> INPUT FOR THIS TASK:
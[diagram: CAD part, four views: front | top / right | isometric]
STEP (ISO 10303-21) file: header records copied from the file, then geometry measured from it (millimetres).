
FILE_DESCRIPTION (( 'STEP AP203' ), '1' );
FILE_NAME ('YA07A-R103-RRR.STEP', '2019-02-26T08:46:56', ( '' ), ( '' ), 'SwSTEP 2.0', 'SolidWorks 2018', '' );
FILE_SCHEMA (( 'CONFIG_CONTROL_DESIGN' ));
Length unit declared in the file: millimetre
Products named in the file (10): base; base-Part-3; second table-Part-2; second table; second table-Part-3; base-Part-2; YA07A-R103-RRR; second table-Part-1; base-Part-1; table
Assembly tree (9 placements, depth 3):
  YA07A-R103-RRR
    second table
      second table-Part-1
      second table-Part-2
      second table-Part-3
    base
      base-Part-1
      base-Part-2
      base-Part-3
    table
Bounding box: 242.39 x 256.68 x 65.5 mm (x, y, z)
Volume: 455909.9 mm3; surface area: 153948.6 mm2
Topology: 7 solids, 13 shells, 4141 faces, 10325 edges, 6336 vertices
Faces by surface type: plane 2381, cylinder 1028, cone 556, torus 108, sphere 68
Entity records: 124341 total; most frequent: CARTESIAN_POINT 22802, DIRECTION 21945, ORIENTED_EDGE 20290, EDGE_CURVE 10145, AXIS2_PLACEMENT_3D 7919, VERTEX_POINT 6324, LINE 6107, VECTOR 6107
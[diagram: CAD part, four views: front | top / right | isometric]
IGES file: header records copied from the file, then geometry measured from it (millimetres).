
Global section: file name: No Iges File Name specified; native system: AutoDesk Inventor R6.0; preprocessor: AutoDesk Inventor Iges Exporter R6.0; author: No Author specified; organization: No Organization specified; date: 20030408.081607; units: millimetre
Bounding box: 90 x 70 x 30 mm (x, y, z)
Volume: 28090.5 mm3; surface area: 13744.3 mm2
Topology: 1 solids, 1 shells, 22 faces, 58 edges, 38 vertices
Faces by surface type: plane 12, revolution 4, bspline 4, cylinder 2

> WORK TO BE COMPLETED: Retype the records above without changing a single word.

> SOLUTION TO THIS PROBLEM:
[diagram: CAD part, four views: front | top / right | isometric]
STEP (ISO 10303-21) file: header records copied from the file, then geometry measured from it (millimetres).
FILE_DESCRIPTION (( 'STEP AP203' ), '1' );
FILE_NAME ('YA07A-R103-RRR.STEP', '2019-02-26T08:46:56', ( '' ), ( '' ), 'SwSTEP 2.0', 'SolidWorks 2018', '' );
FILE_SCHEMA (( 'CONFIG_CONTROL_DESIGN' ));
Length unit declared in the file: millimetre
Products named in the file (10): base; base-Part-3; second table-Part-2; second table; second table-Part-3; base-Part-2; YA07A-R103-RRR; second table-Part-1; base-Part-1; table
Assembly tree (9 placements, depth 3):
  YA07A-R103-RRR
    second table
      second table-Part-1
      second table-Part-2
      second table-Part-3
    base
      base-Part-1
      base-Part-2
      base-Part-3
    table
Bounding box: 242.39 x 256.68 x 65.5 mm (x, y, z)
Volume: 455909.9 mm3; surface area: 153948.6 mm2
Topology: 7 solids, 13 shells, 4141 faces, 10325 edges, 6336 vertices
Faces by surface type: plane 2381, cylinder 1028, cone 556, torus 108, sphere 68
Entity records: 124341 total; most frequent: CARTESIAN_POINT 22802, DIRECTION 21945, ORIENTED_EDGE 20290, EDGE_CURVE 10145, AXIS2_PLACEMENT_3D 7919, VERTEX_POINT 6324, LINE 6107, VECTOR 6107
[diagram: CAD part, four views: front | top / right | isometric]
IGES file: header records copied from the file, then geometry measured from it (millimetres).
Global section: file name: No Iges File Name specified; native system: AutoDesk Inventor R6.0; preprocessor: AutoDesk Inventor Iges Exporter R6.0; author: No Author specified; organization: No Organization specified; date: 20030408.081607; units: millimetre
Bounding box: 90 x 70 x 30 mm (x, y, z)
Volume: 28090.5 mm3; surface area: 13744.3 mm2
Topology: 1 solids, 1 shells, 22 faces, 58 edges, 38 vertices
Faces by surface type: plane 12, revolution 4, bspline 4, cylinder 2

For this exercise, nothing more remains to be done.